══ EXTRACTED MATERIAL ══

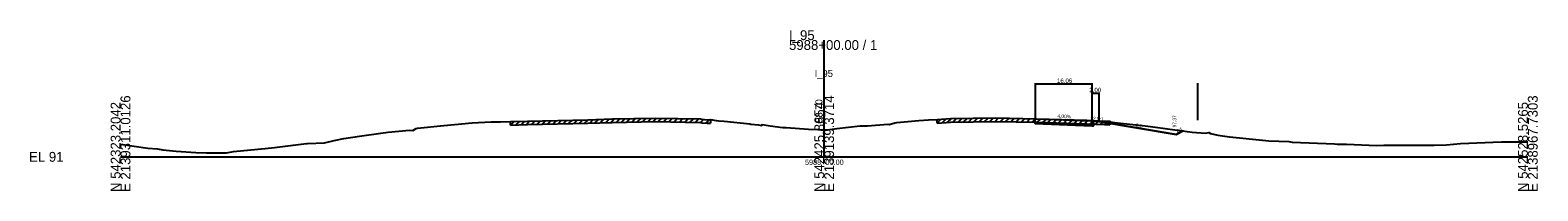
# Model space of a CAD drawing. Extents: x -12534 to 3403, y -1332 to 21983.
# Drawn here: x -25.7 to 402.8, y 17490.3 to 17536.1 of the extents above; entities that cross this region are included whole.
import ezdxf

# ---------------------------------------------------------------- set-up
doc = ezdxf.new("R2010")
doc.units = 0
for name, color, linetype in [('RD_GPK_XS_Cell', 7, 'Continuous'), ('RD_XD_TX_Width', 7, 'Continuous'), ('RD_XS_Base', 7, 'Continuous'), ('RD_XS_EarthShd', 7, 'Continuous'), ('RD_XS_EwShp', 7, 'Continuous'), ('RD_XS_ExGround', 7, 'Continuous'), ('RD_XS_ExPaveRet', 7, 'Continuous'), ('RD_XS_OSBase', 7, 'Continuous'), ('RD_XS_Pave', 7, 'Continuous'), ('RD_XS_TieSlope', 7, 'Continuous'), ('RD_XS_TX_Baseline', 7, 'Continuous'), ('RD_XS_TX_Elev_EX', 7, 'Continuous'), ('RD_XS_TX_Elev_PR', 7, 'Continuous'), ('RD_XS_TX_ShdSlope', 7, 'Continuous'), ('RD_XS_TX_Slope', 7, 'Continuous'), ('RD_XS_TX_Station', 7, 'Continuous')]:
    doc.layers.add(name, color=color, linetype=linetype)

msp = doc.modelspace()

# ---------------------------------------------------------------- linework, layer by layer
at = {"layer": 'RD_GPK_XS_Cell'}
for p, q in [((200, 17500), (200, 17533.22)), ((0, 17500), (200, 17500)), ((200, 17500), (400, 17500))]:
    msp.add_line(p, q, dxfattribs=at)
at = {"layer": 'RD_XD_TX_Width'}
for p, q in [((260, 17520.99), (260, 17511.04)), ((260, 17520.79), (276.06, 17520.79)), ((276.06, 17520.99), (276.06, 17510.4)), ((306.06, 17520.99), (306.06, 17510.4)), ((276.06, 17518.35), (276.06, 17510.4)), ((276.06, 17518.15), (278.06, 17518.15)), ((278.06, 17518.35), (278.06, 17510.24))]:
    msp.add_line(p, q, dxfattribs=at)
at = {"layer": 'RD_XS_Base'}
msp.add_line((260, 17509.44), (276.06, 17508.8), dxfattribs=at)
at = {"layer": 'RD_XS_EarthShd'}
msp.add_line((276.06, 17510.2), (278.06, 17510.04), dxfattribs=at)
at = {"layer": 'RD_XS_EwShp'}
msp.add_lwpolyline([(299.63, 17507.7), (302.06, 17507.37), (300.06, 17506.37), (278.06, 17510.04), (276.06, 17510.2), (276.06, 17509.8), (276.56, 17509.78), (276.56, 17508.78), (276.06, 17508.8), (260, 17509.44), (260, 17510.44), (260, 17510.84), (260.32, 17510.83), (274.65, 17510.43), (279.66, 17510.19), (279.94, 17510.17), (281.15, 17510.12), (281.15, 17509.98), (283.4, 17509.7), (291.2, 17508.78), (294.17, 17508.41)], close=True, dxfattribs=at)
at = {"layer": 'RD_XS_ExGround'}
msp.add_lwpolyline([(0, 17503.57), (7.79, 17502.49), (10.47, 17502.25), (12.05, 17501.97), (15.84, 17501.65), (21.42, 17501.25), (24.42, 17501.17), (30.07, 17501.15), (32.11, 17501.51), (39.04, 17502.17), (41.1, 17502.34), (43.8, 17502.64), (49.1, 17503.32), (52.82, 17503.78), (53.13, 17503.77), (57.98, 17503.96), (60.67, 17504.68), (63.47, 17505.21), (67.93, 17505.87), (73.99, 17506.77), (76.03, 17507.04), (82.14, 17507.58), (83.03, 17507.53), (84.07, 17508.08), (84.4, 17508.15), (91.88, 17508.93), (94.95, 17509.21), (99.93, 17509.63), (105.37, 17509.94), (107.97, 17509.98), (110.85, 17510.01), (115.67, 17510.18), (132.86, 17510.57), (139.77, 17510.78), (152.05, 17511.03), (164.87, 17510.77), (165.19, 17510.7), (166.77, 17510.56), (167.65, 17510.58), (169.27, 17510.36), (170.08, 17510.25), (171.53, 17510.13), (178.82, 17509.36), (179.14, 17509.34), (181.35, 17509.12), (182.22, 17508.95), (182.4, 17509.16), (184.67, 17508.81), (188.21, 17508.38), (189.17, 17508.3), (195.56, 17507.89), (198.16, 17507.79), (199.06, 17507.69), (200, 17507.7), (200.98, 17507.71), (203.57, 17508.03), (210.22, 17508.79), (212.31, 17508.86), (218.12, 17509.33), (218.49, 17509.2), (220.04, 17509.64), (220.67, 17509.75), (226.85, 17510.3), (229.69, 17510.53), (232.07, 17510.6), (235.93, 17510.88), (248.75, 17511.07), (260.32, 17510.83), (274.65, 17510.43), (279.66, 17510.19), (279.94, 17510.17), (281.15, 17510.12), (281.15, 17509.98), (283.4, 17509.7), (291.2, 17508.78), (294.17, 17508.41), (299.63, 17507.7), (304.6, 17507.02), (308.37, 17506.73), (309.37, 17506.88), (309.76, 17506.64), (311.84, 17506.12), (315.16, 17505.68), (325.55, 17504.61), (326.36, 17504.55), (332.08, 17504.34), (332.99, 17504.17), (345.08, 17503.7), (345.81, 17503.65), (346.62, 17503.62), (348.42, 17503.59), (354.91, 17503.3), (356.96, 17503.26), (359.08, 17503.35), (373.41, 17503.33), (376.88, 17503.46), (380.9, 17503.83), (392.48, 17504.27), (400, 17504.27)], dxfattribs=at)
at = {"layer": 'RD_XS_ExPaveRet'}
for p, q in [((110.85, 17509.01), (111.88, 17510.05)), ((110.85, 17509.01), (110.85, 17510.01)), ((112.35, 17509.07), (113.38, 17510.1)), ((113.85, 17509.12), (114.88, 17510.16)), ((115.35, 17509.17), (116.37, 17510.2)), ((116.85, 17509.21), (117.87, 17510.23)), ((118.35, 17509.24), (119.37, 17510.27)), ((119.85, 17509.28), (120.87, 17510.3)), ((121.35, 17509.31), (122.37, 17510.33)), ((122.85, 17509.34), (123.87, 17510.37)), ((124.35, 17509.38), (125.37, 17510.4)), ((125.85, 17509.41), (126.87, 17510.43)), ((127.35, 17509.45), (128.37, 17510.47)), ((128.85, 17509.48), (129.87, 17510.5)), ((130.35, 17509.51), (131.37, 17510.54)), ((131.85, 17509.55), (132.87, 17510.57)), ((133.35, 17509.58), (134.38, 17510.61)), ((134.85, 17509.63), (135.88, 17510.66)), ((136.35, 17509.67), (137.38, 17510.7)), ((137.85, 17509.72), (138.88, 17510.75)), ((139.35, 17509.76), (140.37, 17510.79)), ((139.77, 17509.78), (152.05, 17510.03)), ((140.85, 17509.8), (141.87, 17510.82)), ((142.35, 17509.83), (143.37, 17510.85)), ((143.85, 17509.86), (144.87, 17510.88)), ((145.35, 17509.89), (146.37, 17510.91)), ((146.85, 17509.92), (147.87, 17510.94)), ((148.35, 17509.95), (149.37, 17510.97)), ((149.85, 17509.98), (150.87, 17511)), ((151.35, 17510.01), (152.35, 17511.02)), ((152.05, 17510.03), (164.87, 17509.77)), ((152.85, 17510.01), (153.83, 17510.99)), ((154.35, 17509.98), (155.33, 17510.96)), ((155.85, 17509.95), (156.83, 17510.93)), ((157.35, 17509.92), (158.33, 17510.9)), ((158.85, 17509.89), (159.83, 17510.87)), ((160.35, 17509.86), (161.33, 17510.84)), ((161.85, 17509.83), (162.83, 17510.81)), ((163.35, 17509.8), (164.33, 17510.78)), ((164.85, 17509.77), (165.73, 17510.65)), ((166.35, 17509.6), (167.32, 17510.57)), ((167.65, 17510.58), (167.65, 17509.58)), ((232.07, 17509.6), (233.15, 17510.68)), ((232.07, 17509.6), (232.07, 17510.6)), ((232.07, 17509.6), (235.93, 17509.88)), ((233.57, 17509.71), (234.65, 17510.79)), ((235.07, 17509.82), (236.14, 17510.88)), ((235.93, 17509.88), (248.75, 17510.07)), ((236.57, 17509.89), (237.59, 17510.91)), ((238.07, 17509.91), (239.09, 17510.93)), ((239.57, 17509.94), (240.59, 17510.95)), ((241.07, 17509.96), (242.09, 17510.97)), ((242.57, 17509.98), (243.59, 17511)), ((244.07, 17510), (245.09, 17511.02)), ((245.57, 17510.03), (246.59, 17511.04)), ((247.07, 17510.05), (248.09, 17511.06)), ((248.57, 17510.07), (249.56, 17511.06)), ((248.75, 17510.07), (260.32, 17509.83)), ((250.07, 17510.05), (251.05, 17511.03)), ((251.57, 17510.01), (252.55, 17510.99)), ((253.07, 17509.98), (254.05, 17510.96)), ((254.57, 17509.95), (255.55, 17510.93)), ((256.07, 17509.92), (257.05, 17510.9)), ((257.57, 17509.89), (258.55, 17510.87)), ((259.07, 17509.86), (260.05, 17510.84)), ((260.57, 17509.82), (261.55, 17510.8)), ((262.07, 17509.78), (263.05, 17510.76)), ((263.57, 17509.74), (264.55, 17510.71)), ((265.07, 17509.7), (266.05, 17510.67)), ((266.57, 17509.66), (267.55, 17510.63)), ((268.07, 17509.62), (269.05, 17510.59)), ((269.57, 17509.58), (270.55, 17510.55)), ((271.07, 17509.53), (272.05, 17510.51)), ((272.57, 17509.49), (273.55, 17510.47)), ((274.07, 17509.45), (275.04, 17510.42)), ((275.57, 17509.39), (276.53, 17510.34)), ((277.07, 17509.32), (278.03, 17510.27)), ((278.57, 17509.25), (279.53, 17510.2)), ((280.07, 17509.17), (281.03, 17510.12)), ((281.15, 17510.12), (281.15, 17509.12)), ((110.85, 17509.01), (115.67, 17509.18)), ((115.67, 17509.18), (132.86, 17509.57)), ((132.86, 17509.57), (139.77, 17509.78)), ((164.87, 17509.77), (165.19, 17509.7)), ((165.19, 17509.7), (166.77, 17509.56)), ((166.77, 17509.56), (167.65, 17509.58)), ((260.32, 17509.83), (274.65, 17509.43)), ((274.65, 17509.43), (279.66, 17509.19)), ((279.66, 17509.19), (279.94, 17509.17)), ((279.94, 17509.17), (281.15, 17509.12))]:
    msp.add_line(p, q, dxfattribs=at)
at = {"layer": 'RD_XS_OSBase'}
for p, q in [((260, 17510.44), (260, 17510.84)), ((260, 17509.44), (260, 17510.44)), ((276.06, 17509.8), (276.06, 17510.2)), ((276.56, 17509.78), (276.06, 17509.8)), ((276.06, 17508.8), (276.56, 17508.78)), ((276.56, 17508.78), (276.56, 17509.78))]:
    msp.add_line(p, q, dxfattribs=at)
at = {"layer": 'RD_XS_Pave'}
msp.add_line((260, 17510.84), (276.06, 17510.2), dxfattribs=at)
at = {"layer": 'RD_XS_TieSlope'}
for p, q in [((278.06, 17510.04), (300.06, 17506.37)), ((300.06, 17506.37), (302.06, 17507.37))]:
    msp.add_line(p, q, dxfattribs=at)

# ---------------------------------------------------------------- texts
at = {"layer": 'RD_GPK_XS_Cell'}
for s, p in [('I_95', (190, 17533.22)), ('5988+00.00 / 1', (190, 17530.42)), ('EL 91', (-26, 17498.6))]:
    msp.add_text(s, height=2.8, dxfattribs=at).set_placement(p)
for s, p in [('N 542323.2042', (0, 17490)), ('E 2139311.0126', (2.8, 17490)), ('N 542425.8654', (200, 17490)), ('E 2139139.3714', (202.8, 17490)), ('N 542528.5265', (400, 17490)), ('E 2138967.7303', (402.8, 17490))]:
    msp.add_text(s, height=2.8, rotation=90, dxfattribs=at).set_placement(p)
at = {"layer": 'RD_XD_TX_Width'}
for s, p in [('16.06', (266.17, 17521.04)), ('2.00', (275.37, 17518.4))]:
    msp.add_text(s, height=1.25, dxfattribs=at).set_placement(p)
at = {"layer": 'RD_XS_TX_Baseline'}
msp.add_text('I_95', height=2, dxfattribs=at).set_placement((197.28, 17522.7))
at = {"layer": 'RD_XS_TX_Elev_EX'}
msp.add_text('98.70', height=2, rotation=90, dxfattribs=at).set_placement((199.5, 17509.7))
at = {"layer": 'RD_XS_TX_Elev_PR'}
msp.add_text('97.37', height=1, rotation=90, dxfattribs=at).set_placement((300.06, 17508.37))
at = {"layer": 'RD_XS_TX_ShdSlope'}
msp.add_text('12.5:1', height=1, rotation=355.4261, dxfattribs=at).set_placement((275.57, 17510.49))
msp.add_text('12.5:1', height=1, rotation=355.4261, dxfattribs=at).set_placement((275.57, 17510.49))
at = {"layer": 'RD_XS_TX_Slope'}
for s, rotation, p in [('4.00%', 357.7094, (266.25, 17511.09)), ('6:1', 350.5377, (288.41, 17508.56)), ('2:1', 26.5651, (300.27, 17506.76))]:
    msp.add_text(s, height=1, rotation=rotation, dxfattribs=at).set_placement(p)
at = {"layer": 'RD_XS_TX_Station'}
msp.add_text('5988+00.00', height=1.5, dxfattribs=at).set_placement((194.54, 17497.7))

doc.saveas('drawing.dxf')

═══

• TASK
From the records above, pull every line that carries the word "drawing".

• REPLY TO THE TASK
# Model space of a CAD drawing. Extents: x -12534 to 3403, y -1332 to 21983.
doc.saveas('drawing.dxf')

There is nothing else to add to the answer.